Millers to be fined for delayed sugar cane payments

Tractors deliver cane at a sugar factory in western Kenya. FILE PHOTO | NMG

What you need to know:

  • Sugar millers will be penalised for delaying payments for sugar cane deliveries if Parliament adopts proposed changes to the law, in a bid to protect farmers.
  • Parliament last week approved changes to the Sugar Bill, 2019 that will require millers to pay farmers within a given period for cane delivered, failure to which they shall pay fines.
  • Lawmakers voted by acclamation to include the penalty in the Bill that was passed and now awaits presidential assent.

Sugar millers will be penalised for delaying payments for sugar cane deliveries if Parliament adopts proposed changes to the law, in a bid to protect farmers.

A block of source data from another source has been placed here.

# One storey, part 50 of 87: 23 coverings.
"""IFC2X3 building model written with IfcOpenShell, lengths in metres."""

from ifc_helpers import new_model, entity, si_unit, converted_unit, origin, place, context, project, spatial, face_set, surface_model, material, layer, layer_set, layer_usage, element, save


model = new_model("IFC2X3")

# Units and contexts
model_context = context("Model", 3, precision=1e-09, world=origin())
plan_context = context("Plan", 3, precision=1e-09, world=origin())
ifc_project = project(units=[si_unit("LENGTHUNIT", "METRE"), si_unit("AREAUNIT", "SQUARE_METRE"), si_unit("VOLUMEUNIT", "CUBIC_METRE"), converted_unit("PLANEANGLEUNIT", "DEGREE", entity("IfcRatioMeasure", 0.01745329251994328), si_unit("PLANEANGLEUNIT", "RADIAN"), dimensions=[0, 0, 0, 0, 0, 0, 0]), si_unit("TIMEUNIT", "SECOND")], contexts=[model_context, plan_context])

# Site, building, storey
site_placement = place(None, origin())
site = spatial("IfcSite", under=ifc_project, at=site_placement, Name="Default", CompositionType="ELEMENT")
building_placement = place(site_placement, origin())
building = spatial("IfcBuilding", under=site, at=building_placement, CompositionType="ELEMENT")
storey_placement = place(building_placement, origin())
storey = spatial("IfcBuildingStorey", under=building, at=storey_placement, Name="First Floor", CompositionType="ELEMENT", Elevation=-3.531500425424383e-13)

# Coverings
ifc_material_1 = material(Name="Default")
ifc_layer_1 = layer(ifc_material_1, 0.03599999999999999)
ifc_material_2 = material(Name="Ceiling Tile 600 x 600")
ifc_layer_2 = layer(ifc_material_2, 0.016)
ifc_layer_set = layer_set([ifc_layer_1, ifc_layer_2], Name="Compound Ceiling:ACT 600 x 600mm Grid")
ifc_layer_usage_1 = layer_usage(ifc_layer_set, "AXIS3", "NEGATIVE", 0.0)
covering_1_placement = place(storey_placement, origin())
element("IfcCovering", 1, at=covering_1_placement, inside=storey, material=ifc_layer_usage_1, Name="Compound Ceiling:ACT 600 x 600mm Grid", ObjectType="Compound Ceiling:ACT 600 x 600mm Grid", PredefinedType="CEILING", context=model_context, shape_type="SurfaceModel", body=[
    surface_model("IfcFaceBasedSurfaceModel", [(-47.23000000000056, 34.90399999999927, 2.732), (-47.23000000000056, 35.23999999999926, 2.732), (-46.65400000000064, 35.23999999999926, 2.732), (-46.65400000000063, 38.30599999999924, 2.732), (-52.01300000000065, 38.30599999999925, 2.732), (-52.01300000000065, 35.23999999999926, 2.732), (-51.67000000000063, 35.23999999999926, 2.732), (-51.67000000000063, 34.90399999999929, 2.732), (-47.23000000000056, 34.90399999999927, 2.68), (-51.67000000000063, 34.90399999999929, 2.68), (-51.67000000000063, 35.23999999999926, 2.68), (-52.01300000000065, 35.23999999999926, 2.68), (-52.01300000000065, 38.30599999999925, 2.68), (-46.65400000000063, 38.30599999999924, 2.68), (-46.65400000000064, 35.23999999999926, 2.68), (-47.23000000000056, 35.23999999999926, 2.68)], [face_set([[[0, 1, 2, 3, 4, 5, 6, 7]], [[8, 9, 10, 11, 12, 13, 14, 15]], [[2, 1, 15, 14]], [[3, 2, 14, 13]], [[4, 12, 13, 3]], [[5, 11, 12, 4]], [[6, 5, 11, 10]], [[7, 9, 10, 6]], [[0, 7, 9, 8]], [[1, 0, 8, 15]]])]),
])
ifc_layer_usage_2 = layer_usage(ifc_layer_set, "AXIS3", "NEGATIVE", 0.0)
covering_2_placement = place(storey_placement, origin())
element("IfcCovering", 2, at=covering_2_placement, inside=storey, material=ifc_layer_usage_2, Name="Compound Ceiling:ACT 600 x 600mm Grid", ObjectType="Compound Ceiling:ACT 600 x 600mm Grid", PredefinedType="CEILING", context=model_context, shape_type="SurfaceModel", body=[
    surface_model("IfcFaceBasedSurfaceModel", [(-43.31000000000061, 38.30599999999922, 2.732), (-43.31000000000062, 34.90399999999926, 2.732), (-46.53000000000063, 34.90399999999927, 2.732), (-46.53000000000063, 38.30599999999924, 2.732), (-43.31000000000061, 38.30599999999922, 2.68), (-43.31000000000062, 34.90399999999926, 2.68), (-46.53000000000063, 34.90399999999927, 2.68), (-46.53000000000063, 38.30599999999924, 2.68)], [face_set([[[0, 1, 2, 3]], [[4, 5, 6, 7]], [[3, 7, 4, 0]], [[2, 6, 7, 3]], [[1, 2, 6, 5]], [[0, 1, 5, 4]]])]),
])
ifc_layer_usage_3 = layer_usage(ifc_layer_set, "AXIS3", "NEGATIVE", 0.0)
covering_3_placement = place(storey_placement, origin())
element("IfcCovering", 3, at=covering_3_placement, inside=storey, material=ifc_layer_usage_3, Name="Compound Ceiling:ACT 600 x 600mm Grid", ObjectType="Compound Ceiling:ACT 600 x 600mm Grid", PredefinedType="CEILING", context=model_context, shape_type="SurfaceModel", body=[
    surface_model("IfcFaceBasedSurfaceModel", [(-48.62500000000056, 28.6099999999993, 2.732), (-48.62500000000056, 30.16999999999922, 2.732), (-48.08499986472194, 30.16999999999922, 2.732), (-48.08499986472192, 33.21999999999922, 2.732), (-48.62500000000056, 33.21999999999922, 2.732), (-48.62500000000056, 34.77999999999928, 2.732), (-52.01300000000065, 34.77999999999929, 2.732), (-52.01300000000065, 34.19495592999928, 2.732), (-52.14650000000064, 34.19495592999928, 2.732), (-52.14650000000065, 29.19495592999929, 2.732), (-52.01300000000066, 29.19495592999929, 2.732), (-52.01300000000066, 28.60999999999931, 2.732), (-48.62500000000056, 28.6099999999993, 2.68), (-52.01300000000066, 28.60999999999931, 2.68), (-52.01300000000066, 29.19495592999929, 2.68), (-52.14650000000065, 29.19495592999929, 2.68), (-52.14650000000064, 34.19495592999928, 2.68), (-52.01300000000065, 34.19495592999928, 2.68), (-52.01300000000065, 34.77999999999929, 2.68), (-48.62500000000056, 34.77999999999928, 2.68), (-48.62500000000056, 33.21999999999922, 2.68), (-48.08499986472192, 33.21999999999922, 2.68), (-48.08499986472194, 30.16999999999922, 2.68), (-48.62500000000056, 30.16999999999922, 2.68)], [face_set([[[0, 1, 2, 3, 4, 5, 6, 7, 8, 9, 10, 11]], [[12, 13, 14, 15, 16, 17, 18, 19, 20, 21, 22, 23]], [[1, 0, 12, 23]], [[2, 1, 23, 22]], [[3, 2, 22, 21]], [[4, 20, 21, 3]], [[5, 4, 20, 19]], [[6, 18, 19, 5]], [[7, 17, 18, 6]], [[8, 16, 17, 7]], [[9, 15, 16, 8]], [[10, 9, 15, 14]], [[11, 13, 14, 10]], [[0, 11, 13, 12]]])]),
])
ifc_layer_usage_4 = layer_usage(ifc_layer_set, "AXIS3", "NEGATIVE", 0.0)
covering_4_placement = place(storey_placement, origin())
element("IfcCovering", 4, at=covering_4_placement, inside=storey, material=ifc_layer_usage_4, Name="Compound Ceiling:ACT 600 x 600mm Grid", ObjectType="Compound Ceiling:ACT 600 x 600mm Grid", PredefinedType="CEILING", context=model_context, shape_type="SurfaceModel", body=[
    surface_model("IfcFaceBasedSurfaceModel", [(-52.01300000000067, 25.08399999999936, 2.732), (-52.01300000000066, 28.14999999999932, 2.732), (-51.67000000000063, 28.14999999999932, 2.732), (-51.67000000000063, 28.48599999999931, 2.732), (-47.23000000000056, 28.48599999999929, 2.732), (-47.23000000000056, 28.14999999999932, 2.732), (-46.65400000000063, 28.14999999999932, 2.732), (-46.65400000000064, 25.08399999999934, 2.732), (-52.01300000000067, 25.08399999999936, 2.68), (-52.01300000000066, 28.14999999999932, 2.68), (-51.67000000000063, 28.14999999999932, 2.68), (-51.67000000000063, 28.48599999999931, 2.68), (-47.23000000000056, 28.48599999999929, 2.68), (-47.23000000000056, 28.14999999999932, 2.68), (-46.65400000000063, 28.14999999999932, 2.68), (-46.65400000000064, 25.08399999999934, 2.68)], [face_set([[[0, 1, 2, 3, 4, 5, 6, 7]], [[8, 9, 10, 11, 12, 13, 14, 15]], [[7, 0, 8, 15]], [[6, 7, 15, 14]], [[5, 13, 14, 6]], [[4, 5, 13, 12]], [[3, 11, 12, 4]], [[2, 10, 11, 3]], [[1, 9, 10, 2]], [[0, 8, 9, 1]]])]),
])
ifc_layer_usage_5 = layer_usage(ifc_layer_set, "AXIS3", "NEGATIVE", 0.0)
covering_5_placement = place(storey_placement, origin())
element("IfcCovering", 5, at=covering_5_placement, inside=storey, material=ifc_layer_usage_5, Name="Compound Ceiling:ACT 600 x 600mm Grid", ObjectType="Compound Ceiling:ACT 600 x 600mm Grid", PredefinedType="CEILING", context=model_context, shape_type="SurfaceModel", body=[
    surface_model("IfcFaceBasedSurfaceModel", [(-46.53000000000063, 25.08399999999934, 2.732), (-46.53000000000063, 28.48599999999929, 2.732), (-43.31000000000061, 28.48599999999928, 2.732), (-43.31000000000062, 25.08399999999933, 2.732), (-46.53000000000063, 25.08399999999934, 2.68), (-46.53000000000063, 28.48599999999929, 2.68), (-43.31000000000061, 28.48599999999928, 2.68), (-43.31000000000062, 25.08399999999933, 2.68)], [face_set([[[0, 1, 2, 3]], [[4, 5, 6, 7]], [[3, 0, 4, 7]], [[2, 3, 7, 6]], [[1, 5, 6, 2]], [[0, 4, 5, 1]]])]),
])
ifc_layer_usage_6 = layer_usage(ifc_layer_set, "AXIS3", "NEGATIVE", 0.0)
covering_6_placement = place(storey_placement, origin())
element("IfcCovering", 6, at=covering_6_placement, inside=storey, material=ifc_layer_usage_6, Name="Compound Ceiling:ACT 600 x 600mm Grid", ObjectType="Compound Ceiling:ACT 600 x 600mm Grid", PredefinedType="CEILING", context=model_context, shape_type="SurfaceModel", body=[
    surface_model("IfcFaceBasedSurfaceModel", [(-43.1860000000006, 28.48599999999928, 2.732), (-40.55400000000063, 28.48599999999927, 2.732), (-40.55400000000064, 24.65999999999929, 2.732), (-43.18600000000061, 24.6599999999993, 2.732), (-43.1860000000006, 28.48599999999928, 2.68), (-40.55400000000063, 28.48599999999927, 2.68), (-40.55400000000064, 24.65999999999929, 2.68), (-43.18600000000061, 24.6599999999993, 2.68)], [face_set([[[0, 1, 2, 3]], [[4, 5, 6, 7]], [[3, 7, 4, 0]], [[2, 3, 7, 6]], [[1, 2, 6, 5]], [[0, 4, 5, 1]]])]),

Parliament last week approved changes to the Sugar Bill, 2019 that will require millers to pay farmers within a given period for cane delivered, failure to which they shall pay fines.

Lawmakers voted by acclamation to include the penalty in the Bill that was passed and now awaits presidential assent.

The changes are aimed at protecting farmers who have taken a huge hit from the struggles of the once-lucrative sector.

Cash-strapped sugar millers owe farmers billions of shillings in delayed payment, amid cash flow struggles that have seen the State opt to lease them in a bid to revive the industry.

“Clause 33 of the Bill be amended inserting the following new paragraph, maximum period within which farmers are to be paid for sugar crop delivered and penalties for delayed payments,” reads the changes.

Ailing factories like Mumias, Miwani, Chemelil, Nzoia, Muhoroni, and Sony owed farmers and lenders Sh38.5 billion as of last year and the State has since been pushing to write off the debts and pave the way for privatisation of the millers.

Besides delayed payments, farmers are paid based weight of the sugar cane delivered as opposed to the quality, a system that continues to deny them higher earnings from the cane.

Agriculture Cabinet Secretary Peter Munya in April directed Agriculture and Food Authority to ensure that the millers sign new deals with farmers, with a clause for the penalty to be charged for delayed payment.

The millers were to pay an interest of 1.5 percent of the value of the products delivered by farmers in case of delayed payment for their cane, as the government moves to protect growers through enforcement of new contracts.

The State is banking on the Sugar Bill, 2019 in addition to leasing of debt-hit public millers to revive the battered sugar industry.

The Bill will also divide the country’s sugar belt into three zones namely the Upper region, Lower region, and Coastal region and require sugar dealers to present proof of shortage in the domestic market before importing sugar.